Thoughts on how we Perceive Others

So, I have a couple of thoughts. (Dangerous, I know)
I am choosing to share these thoughts on the Internet. (…even more dangerous…)

I have said this before, while I am not deeply religious, I have some deep convictions.

In the New Testament, Jesus simplified the 10 Commandments into the 2 Commandments:
Love God.
Love thy neighbor.

Regardless of any belief in the divinity of Jesus, this is a powerful philosophical view.

I take “Love God” in a bit of a Deist light. The world around us is a miracle and we are all interconnected. I appreciate our interconnected place in the world.

As John Muir was fond of pointing out, the world is yet being made thus it is still the morning of creation! It is a wonderfully empowering and fundamentally optimistic perspective.

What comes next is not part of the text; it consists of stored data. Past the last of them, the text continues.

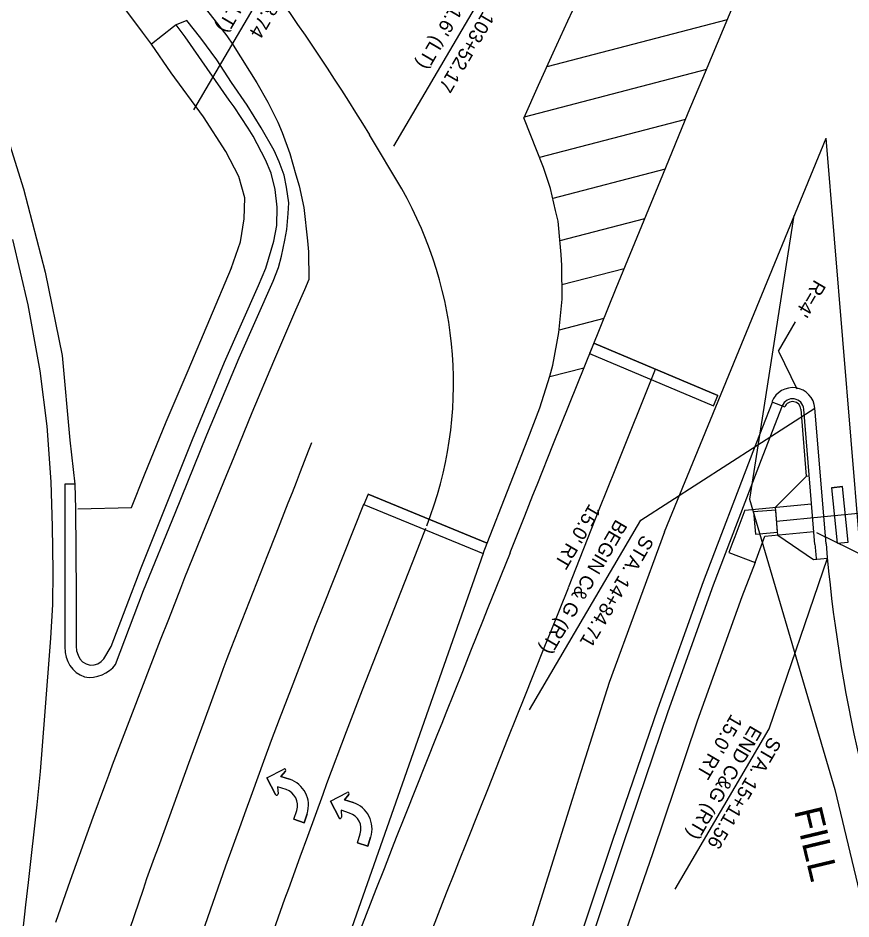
# Model space of a CAD drawing. Extents: x 1730210 to 1732101, y 650763 to 653427.
# Drawn here: x 1730371.6 to 1730520.8, y 652788.8 to 652950.2 of the extents above; entities that cross this region are included whole.
import ezdxf

# ---------------------------------------------------------------- set-up
doc = ezdxf.new("R2010")
doc.units = 0
for name, color, linetype in [('DESIGN - ROW - Slope Lines', 7, 'Continuous'), ('DESIGN - ROW - Slope Lines Text', 7, 'Continuous'), ('DESIGN - TRAFFIC CONTROL PERMANENT - Pavement Marking', 7, 'Continuous'), ('DESIGN - TRANSPORTATION - Curb Gutter and Sidewalk', 7, 'Continuous'), ('DESIGN - TRANSPORTATION - Edge of Traveled Way', 7, 'Continuous'), ('DESIGN - TRANSPORTATION - Shoulder Lines', 7, 'Continuous'), ('DESIGN - TRANSPORTATION - Text', 7, 'Continuous'), ('FUNCTIONAL - TRANSPORTATION - Preliminary Edge of Traveled Way', 7, 'Continuous'), ('SURVEY - TRANSPORTATION - Features', 7, 'Continuous')]:
    doc.layers.add(name, color=color, linetype=linetype)

msp = doc.modelspace()

# ---------------------------------------------------------------- linework, layer by layer
at = {"layer": 'DESIGN - ROW - Slope Lines'}
for p, q in [((1730510.54, 652914.84), (1730502.62, 652864.02)), ((1730502.62, 652864.02), (1730517.89, 652812.05)), ((1730517.89, 652812.05), (1730530.41, 652759.65))]:
    msp.add_line(p, q, dxfattribs=at)
at = {"layer": 'DESIGN - TRAFFIC CONTROL PERMANENT - Pavement Marking'}
for p, q in [((1730498.6, 652949.88), (1730466.28, 652941.47)), ((1730494.88, 652940.95), (1730462.22, 652932.45)), ((1730491.16, 652932.03), (1730465, 652925.22)), ((1730440.3, 652919.58), (1730434.56, 652929.27)), ((1730487.47, 652923.11), (1730467.37, 652917.88)), ((1730483.8, 652914.2), (1730468.65, 652910.26)), ((1730480.13, 652905.29), (1730469.01, 652902.39)), ((1730476.51, 652896.39), (1730468.51, 652894.3)), ((1730474.72, 652891.95), (1730496.91, 652882.58)), ((1730472.93, 652887.5), (1730466.81, 652885.91)), ((1730517.29, 652866.08), (1730519.28, 652866.29)), ((1730434.3, 652864.9), (1730455.63, 652856.17)), ((1730518.3, 652856.13), (1730520.29, 652856.34)), ((1730454.87, 652854.32), (1730406.19, 652715.68)), ((1730416.15, 652814.15), (1730419.16, 652815.69)), ((1730416.15, 652814.15), (1730419.16, 652815.69)), ((1730419.46, 652815.31), (1730418.66, 652814.38)), ((1730418.66, 652814.38), (1730419.46, 652815.31)), ((1730418.66, 652814.38), (1730420.2, 652813.88)), ((1730420.2, 652813.88), (1730418.66, 652814.38)), ((1730417.69, 652811.15), (1730416.15, 652814.15)), ((1730416.15, 652814.15), (1730417.69, 652811.15)), ((1730419.59, 652812.01), (1730418.05, 652812.5)), ((1730418.05, 652812.5), (1730418.15, 652811.28)), ((1730419.59, 652812.01), (1730418.05, 652812.5)), ((1730418.05, 652812.5), (1730418.15, 652811.28)), ((1730427.53, 652809.97), (1730430.54, 652811.5)), ((1730427.53, 652809.97), (1730430.54, 652811.5)), ((1730430.83, 652811.13), (1730430.04, 652810.19)), ((1730430.04, 652810.19), (1730430.83, 652811.13)), ((1730429.07, 652806.96), (1730427.53, 652809.97)), ((1730427.53, 652809.97), (1730429.07, 652806.96)), ((1730430.04, 652810.19), (1730431.58, 652809.69)), ((1730431.58, 652809.69), (1730430.04, 652810.19)), ((1730420.98, 652806.69), (1730421.49, 652808.29)), ((1730420.98, 652806.69), (1730421.49, 652808.29)), ((1730430.97, 652807.82), (1730429.43, 652808.32)), ((1730429.43, 652808.32), (1730429.53, 652807.09)), ((1730430.97, 652807.82), (1730429.43, 652808.32)), ((1730429.43, 652808.32), (1730429.53, 652807.09)), ((1730422.85, 652806.09), (1730420.98, 652806.69)), ((1730420.98, 652806.69), (1730422.85, 652806.09)), ((1730423.36, 652807.68), (1730422.85, 652806.09)), ((1730422.85, 652806.09), (1730423.36, 652807.68)), ((1730432.36, 652802.51), (1730432.87, 652804.1)), ((1730432.36, 652802.51), (1730432.87, 652804.1)), ((1730434.74, 652803.5), (1730434.23, 652801.9)), ((1730434.23, 652801.9), (1730434.74, 652803.5)), ((1730434.23, 652801.9), (1730432.36, 652802.51)), ((1730432.36, 652802.51), (1730434.23, 652801.9))]:
    msp.add_line(p, q, dxfattribs=at)
for points in [[(1730459.75, 652854.49), (1730462.34, 652861.01), (1730463.81, 652864.72), (1730464.55, 652866.58), (1730467.49, 652874.01), (1730478.69, 652901.8), (1730487.06, 652922.11), (1730491.64, 652933.19), (1730494.71, 652940.56), (1730500.09, 652953.46), (1730503.24, 652960.81), (1730505.59, 652966.32), (1730506.38, 652968.16), (1730507.95, 652971.83), (1730508.73, 652973.66), (1730510.3, 652977.33), (1730518.04, 652995.02)], [(1730385.19, 652976.62), (1730390.46, 652970.6), (1730397.86, 652961.16), (1730404.04, 652953.3), (1730407.74, 652948.58), (1730408.98, 652947.01), (1730410.08, 652945.35), (1730414.32, 652938.57), (1730416.33, 652935.1), (1730417.24, 652933.33), (1730418.1, 652931.52), (1730418.91, 652929.69), (1730420.24, 652925.92), (1730421.36, 652922.08), (1730421.91, 652920.16), (1730422.75, 652916.25), (1730423.43, 652910.3), (1730423.58, 652908.3), (1730423.67, 652903.38)], [(1730455.63, 652856.17), (1730462.91, 652874.77), (1730465.04, 652880.37), (1730466.86, 652886.08), (1730467.37, 652888.01), (1730468.1, 652891.93), (1730468.47, 652893.9), (1730469.03, 652899.86), (1730468.99, 652905.85), (1730468.89, 652907.84), (1730468.7, 652909.83), (1730468.3, 652913.8), (1730467.86, 652915.74), (1730466.97, 652919.64), (1730465.72, 652923.43), (1730462.16, 652932.31)], [(1730371.87, 652781.47), (1730372.99, 652791.4), (1730373.44, 652795.37), (1730375.01, 652809.27), (1730375.6, 652815.23), (1730376.39, 652825.2), (1730377.43, 652839.15), (1730377.82, 652845.14), (1730377.84, 652851.14), (1730377.77, 652859.14), (1730377.51, 652867.13), (1730376.77, 652877.11), (1730375.51, 652887.03), (1730373.37, 652898.83), (1730370.67, 652910.52)], [(1730423.67, 652903.38), (1730422.88, 652901.54), (1730421.29, 652897.88), (1730417.34, 652888.7), (1730413.44, 652879.51), (1730409.68, 652870.26), (1730408.92, 652868.41), (1730406.66, 652862.86), (1730405.16, 652859.17), (1730401.42, 652849.91), (1730400.69, 652848.05), (1730399.24, 652844.33), (1730398.51, 652842.47), (1730397.05, 652838.75), (1730392.01, 652825.72), (1730388.46, 652816.39), (1730387.75, 652814.52), (1730387.04, 652812.65), (1730384.99, 652807.03), (1730380.93, 652795.75), (1730379.6, 652791.98), (1730378.28, 652788.22)], [(1730470.16, 652848.2), (1730475.7, 652862.15), (1730478.64, 652869.55), (1730485.78, 652887.28)], [(1730390.82, 652784.73), (1730394.02, 652794.19), (1730394.66, 652796.08), (1730396.03, 652799.83), (1730396.71, 652801.71), (1730398.76, 652807.34), (1730402.18, 652816.72), (1730404.91, 652824.23), (1730406.28, 652827.98), (1730407.65, 652831.74), (1730408.33, 652833.61), (1730409.04, 652835.48), (1730409.77, 652837.34), (1730416.34, 652854.07), (1730417.8, 652857.79), (1730418.53, 652859.65), (1730419.26, 652861.51), (1730419.99, 652863.37), (1730420.71, 652865.23), (1730421.44, 652867.09), (1730422.17, 652868.95), (1730423.63, 652872.67), (1730424.23, 652874.19)], [(1730383.39, 652722.85), (1730386.34, 652732.15), (1730388.22, 652737.84), (1730395.16, 652758.69), (1730396.44, 652762.47), (1730397.08, 652764.36), (1730397.72, 652766.26), (1730400.29, 652773.82), (1730404.2, 652785.15), (1730408.8, 652798.35), (1730410.17, 652802.1), (1730411.54, 652805.86), (1730412.22, 652807.74), (1730413.58, 652811.49), (1730415.63, 652817.12), (1730417, 652820.88), (1730418.42, 652824.61), (1730420.57, 652830.2), (1730422.71, 652835.8), (1730423.43, 652837.66), (1730424.86, 652841.39), (1730426.33, 652845.1), (1730433.49, 652863.11)], [(1730394.34, 652719.4), (1730396.63, 652726.34), (1730398.51, 652732.03), (1730399.14, 652733.92), (1730400.42, 652737.7), (1730405.54, 652752.84), (1730412.73, 652773.6), (1730419.37, 652792.44), (1730420.06, 652794.32), (1730422.11, 652799.95), (1730423.48, 652803.7), (1730424.84, 652807.45), (1730426.21, 652811.21), (1730426.9, 652813.08), (1730430.4, 652822.43), (1730433.3, 652829.88), (1730442.75, 652854.07), (1730444.61, 652858.82)], [(1730406.19, 652715.68), (1730406.87, 652717.55), (1730408.25, 652721.3), (1730412.37, 652732.56), (1730414.44, 652738.18), (1730426.36, 652769.97), (1730435.72, 652794.2), (1730437.19, 652797.91), (1730438.66, 652801.63), (1730439.39, 652803.49), (1730440.86, 652807.2), (1730443.07, 652812.77), (1730444.55, 652816.48), (1730446.78, 652822.05), (1730447.52, 652823.9), (1730448.26, 652825.76), (1730451.23, 652833.18), (1730452.71, 652836.89), (1730454.94, 652842.45), (1730455.69, 652844.3), (1730459.76, 652854.48)], [(1730417.45, 652711.55), (1730418.14, 652713.43), (1730419.51, 652717.18), (1730423.63, 652728.42), (1730425.69, 652734), (1730437.58, 652765.71), (1730446.9, 652789.83), (1730448.35, 652793.51), (1730449.82, 652797.22), (1730450.55, 652799.08), (1730452.01, 652802.79), (1730454.22, 652808.33), (1730455.7, 652812.03), (1730459.4, 652821.3), (1730462.37, 652828.71), (1730463.85, 652832.42), (1730466.08, 652837.98), (1730466.83, 652839.84), (1730470.16, 652848.16)]]:
    msp.add_lwpolyline(points, dxfattribs=at)
for points in [[(1730474.72, 652891.95), (1730473.94, 652890.11), (1730496.14, 652880.74), (1730496.91, 652882.58)], [(1730517.29, 652866.08), (1730518.3, 652856.13), (1730520.29, 652856.34), (1730519.28, 652866.29)], [(1730434.3, 652864.9), (1730433.54, 652863.05), (1730454.87, 652854.32), (1730455.63, 652856.17)]]:
    msp.add_lwpolyline(points, close=True, dxfattribs=at)
for centre, radius, start, end in [((1732146.89, 652178.93), 1845.51, 143.31109, 155.90666), ((1730082.94, 652714.55), 412, 31.4096, 52.3723), ((1730379.58, 652884.74), 70, 338.653, 29.8433), ((1730419.27, 652815.47), 0.246, 319.6308, 117.079), ((1730419.27, 652815.47), 0.246, 319.6308, 117.079), ((1730418.68, 652809.2), 4.92, 342.079, 72.079), ((1730418.68, 652809.2), 4.92, 342.079, 72.079), ((1730417.91, 652811.26), 0.246, 207.079, 4.5722), ((1730417.91, 652811.26), 0.246, 207.079, 4.5722), ((1730418.68, 652809.2), 2.95, 342.079, 72.079), ((1730418.68, 652809.2), 2.95, 342.079, 72.079), ((1730430.65, 652811.29), 0.246, 319.6308, 117.079), ((1730430.65, 652811.29), 0.246, 319.6308, 117.079), ((1730430.06, 652805.01), 4.92, 342.079, 72.079), ((1730430.06, 652805.01), 4.92, 342.079, 72.079), ((1730429.28, 652807.07), 0.246, 207.079, 4.5722), ((1730429.28, 652807.07), 0.246, 207.079, 4.5722), ((1730430.06, 652805.01), 2.95, 342.079, 72.079), ((1730430.06, 652805.01), 2.95, 342.079, 72.079)]:
    msp.add_arc(centre, radius, start, end, dxfattribs=at)
at = {"layer": 'DESIGN - TRANSPORTATION - Curb Gutter and Sidewalk'}
for p, q in [((1730506.61, 652881.46), (1730508.94, 652880.55)), ((1730512.82, 652868.15), (1730511.83, 652880.12)), ((1730514.33, 652855.89), (1730512.33, 652880.16)), ((1730516.32, 652856.05), (1730514.32, 652880.33)), ((1730507.26, 652862.58), (1730512.82, 652868.15)), ((1730512.82, 652868.15), (1730513.32, 652868.19)), ((1730501.78, 652862.04), (1730513.73, 652863.21)), ((1730507.67, 652857.59), (1730507.26, 652862.58)), ((1730505.37, 652857.37), (1730514.14, 652858.23)), ((1730503.6, 652852.69), (1730505.37, 652857.37)), ((1730507.67, 652857.59), (1730514.06, 652853.2)), ((1730498.91, 652854.47), (1730503.6, 652852.69)), ((1730514.06, 652853.2), (1730516.55, 652853.43))]:
    msp.add_line(p, q, dxfattribs=at)
for centre, radius, start, end in [((1730510.33, 652880), 4, 4.7177, 158.5164), ((1730510.33, 652880), 2, 4.7177, 158.5164), ((1730510.33, 652880), 1.5, 4.7177, 158.5164), ((1732120.28, 652246.35), 1731.66, 159.17305, 159.44093), ((1730790.39, 652878.67), 277, 184.7177, 185.266)]:
    msp.add_arc(centre, radius, start, end, dxfattribs=at)
at = {"layer": 'DESIGN - TRANSPORTATION - Edge of Traveled Way'}
for p in [(1730487.38, 652858.16), (1730522.3, 652856.54)]:
    msp.add_line(p, (1730516.35, 652928.65), dxfattribs=at)
msp.add_lwpolyline([(1730487.38, 652858.16), (1730477.46, 652831.21), (1730472.03, 652814.07), (1730470.85, 652810.26), (1730463.69, 652787.38)], dxfattribs=at)
at = {"layer": 'DESIGN - TRANSPORTATION - Shoulder Lines'}
msp.add_arc((1730790.39, 652878.67), 275, 184.7177, 201.1154, dxfattribs=at)
at = {"layer": 'DESIGN - TRANSPORTATION - Text'}
for p, q in [((1730403.05, 652933.75), (1730423, 652967.74)), ((1730438.87, 652927.22), (1730458.82, 652961.22)), ((1730507.77, 652890.52), (1730510.86, 652895.78)), ((1730463.2, 652826.27), (1730483.15, 652860.26)), ((1730489.29, 652794.2), (1730506.13, 652822.89))]:
    msp.add_line(p, q, dxfattribs=at)
for points in [[(1730507.77, 652890.52), (1730511.06, 652883.76)], [(1730483.15, 652860.26), (1730514.32, 652880.33)], [(1730538.53, 652846.32), (1730514.68, 652858)], [(1730506.13, 652822.89), (1730516.55, 652853.43)]]:
    msp.add_lwpolyline(points, dxfattribs=at)
at = {"layer": 'FUNCTIONAL - TRANSPORTATION - Preliminary Edge of Traveled Way'}
msp.add_line((1730507.46, 652860.09), (1730560.92, 652865.34), dxfattribs=at)
msp.add_lwpolyline([(1730503.65, 652857.74), (1730507.64, 652858.09), (1730507.29, 652862.08), (1730503.3, 652861.73)], close=True, dxfattribs=at)
at = {"layer": 'SURVEY - TRANSPORTATION - Features'}
for points in [[(1730272.87, 653048.01), (1730283.61, 653041.79), (1730296.37, 653033.41), (1730308.39, 653023.98), (1730319.79, 653013.43), (1730330.32, 653002.12), (1730338.26, 652992.05), (1730340.57, 652988.7), (1730348.86, 652975.48), (1730356.23, 652962.2), (1730362.05, 652948.14), (1730367.97, 652934.08), (1730372.53, 652919.59), (1730376.43, 652904.68), (1730379.45, 652889.74), (1730380.84, 652874.59), (1730381.75, 652866.73)], [(1730395.47, 652945.52), (1730393.84, 652947.63), (1730383.29, 652961.88), (1730377.65, 652957.37)], [(1730386.94, 652835.44), (1730388.28, 652837.64), (1730393.65, 652851.71), (1730397.2, 652860.68), (1730402.85, 652874.72), (1730408.57, 652888.57), (1730414.62, 652902.27), (1730415.98, 652905.38), (1730417.42, 652910.21), (1730417.93, 652913.04), (1730418, 652916.31), (1730417.62, 652919.48), (1730416.9, 652922.4), (1730415.93, 652924.82), (1730413.71, 652929.02), (1730412.8, 652930.47), (1730410.27, 652934.29), (1730409.37, 652935.48), (1730401.5, 652946.83), (1730399.9, 652948.94)], [(1730389.02, 652834.42), (1730394.02, 652847.69), (1730399.74, 652861.53), (1730405.39, 652875.53), (1730411.2, 652889.34), (1730417.25, 652903.05), (1730418.23, 652905.5), (1730418.78, 652907.57), (1730419.36, 652910.4), (1730419.7, 652912.3), (1730419.97, 652915.17), (1730420.11, 652917.08), (1730419.69, 652919.87), (1730419.27, 652922.02), (1730418.37, 652924.44), (1730417.48, 652926.44), (1730415.13, 652930.55), (1730412.59, 652934.58), (1730409.79, 652938.64), (1730407.18, 652942.68), (1730404.32, 652946.57), (1730401.81, 652949.74), (1730399.9, 652948.94), (1730399.43, 652948.58), (1730395.47, 652945.52)], [(1730382.31, 652862.32), (1730391.91, 652862.53), (1730394.22, 652868.38), (1730398.09, 652877.87), (1730402.02, 652887.06), (1730405.92, 652896.25), (1730409.79, 652905.45), (1730409.77, 652905.34), (1730411.43, 652910.11), (1730412.09, 652914.21), (1730412.18, 652918.01), (1730411.14, 652921.82), (1730408.81, 652926.29), (1730404.79, 652932.52), (1730399.03, 652940.38), (1730395.47, 652945.52)], [(1730508.48, 652880.76), (1730505, 652871.87), (1730496.11, 652848.62), (1730487.95, 652825.93), (1730480, 652802.33), (1730472.07, 652778.64), (1730470.91, 652775.13), (1730466.22, 652760.83), (1730458.62, 652737.08), (1730450.72, 652710.55), (1730443.99, 652686.52), (1730443.09, 652683.31), (1730438.07, 652664.91), (1730437.67, 652663.46), (1730437.3, 652661.97), (1730437.15, 652661.4), (1730433.98, 652649.41), (1730430.87, 652637.21), (1730427.62, 652625.31), (1730423.53, 652610.75)], [(1730427.62, 652625.31), (1730425.73, 652625.88), (1730429.12, 652638.63), (1730432.09, 652649.99), (1730435.24, 652661.98), (1730435.39, 652662.56), (1730435.76, 652664.05), (1730436.16, 652665.49), (1730441.19, 652683.89), (1730442.07, 652687.1), (1730448.86, 652711.12), (1730456.77, 652737.65), (1730464.36, 652761.41), (1730469, 652775.72), (1730470.15, 652779.25), (1730478.09, 652802.93), (1730486.18, 652826.5), (1730494.38, 652849.31), (1730503.25, 652872.58), (1730506.72, 652881.42)], [(1730381.75, 652866.73), (1730379.93, 652866.69), (1730379.96, 652851.57), (1730379.95, 652837.67), (1730380.03, 652836.56)], [(1730381.75, 652866.73), (1730381.86, 652862.3), (1730381.99, 652847.08), (1730381.97, 652837.7), (1730382.07, 652836.87)], [(1730503.59, 652852.7), (1730501.24, 652846.56), (1730493.25, 652824.26), (1730485.31, 652800.68), (1730477.11, 652777.06), (1730475.91, 652773.56), (1730471.22, 652759.27), (1730463.62, 652735.54), (1730455.47, 652709.09), (1730448.75, 652685.07), (1730447.85, 652681.86)], [(1730380.03, 652836.56), (1730380.2, 652835.74), (1730380.47, 652834.95), (1730380.87, 652834.22), (1730381.41, 652833.58), (1730382.01, 652833), (1730382.7, 652832.54), (1730383.47, 652832.21), (1730384.29, 652832.08), (1730385.11, 652832.14), (1730385.88, 652832.33), (1730386.62, 652832.59), (1730387.3, 652832.93), (1730387.95, 652833.34), (1730388.54, 652833.83), (1730389.02, 652834.42)], [(1730382.07, 652836.87), (1730382.34, 652836.08), (1730382.67, 652835.44), (1730383.14, 652834.89), (1730383.77, 652834.51), (1730384.48, 652834.32), (1730385.2, 652834.35), (1730385.88, 652834.55), (1730386.46, 652834.94), (1730386.94, 652835.44)]]:
    msp.add_lwpolyline(points, dxfattribs=at)

# ---------------------------------------------------------------- texts
at = {"layer": 'DESIGN - ROW - Slope Lines Text'}
msp.add_text('FILL', height=5, rotation=283.4376, dxfattribs=at).set_placement((1730510.57, 652808.26))
at = {"layer": 'DESIGN - TRANSPORTATION - Text'}
for s, p in [("OFF. 40.6' (LT)", (1730418.54, 652968.04)), ('STA. 6+68.74', (1730423.28, 652965.26)), ("OFF. 41.6' (LT)", (1730454.36, 652961.52)), ('STA. 103+52.17', (1730459.1, 652958.73)), ("R=4'", (1730514.26, 652903.48)), ("15.0' RT", (1730473.95, 652863.35)), ('BEGIN C& G (RT)', (1730478.69, 652860.56)), ('STA. 14+84.71', (1730483.43, 652857.78)), ("15.0' RT", (1730499.37, 652825.7)), ('END C&G (RT)', (1730502.82, 652823.68)), ('STA. 15+11.56', (1730506.27, 652821.65))]:
    msp.add_text(s, height=2.5, rotation=239.5926, dxfattribs=at).set_placement(p)

doc.saveas('drawing.dxf')

On the more religious end, I believe in the “Our Father:”

Our Father, Who art in heaven
Hallowed be Thy Name;
Thy kingdom come,
Thy will be done,
on earth as it is in heaven.
Give us this day our daily bread,
and forgive us our trespasses,
as we forgive those who trespass against us;
and lead us not into temptation,
but deliver us from evil. Amen.

Taken out of a fully religious context and viewed in a philosophical one, it embodies the view that there is something greater than us and that we should strive to be more accepting and loving and forgiving people.

As for loving thy neighbor,

This is hard. We as people are stubborn. If someone is not like us, or not connected to us we think less of them.

I call it “othering.”

It can be as simple as “those guys across the river are not the same as us.”

“We are better than those in the city because we live in the suburbs (or vice versa).”

“He/she looks different…talks different… lives a different lifestyle…”

“They are not me…they are in fact less then me.”

“I am human…if they are less then me, they are less than human.”

To love thy neighbor we must overcome our base urge to “other.”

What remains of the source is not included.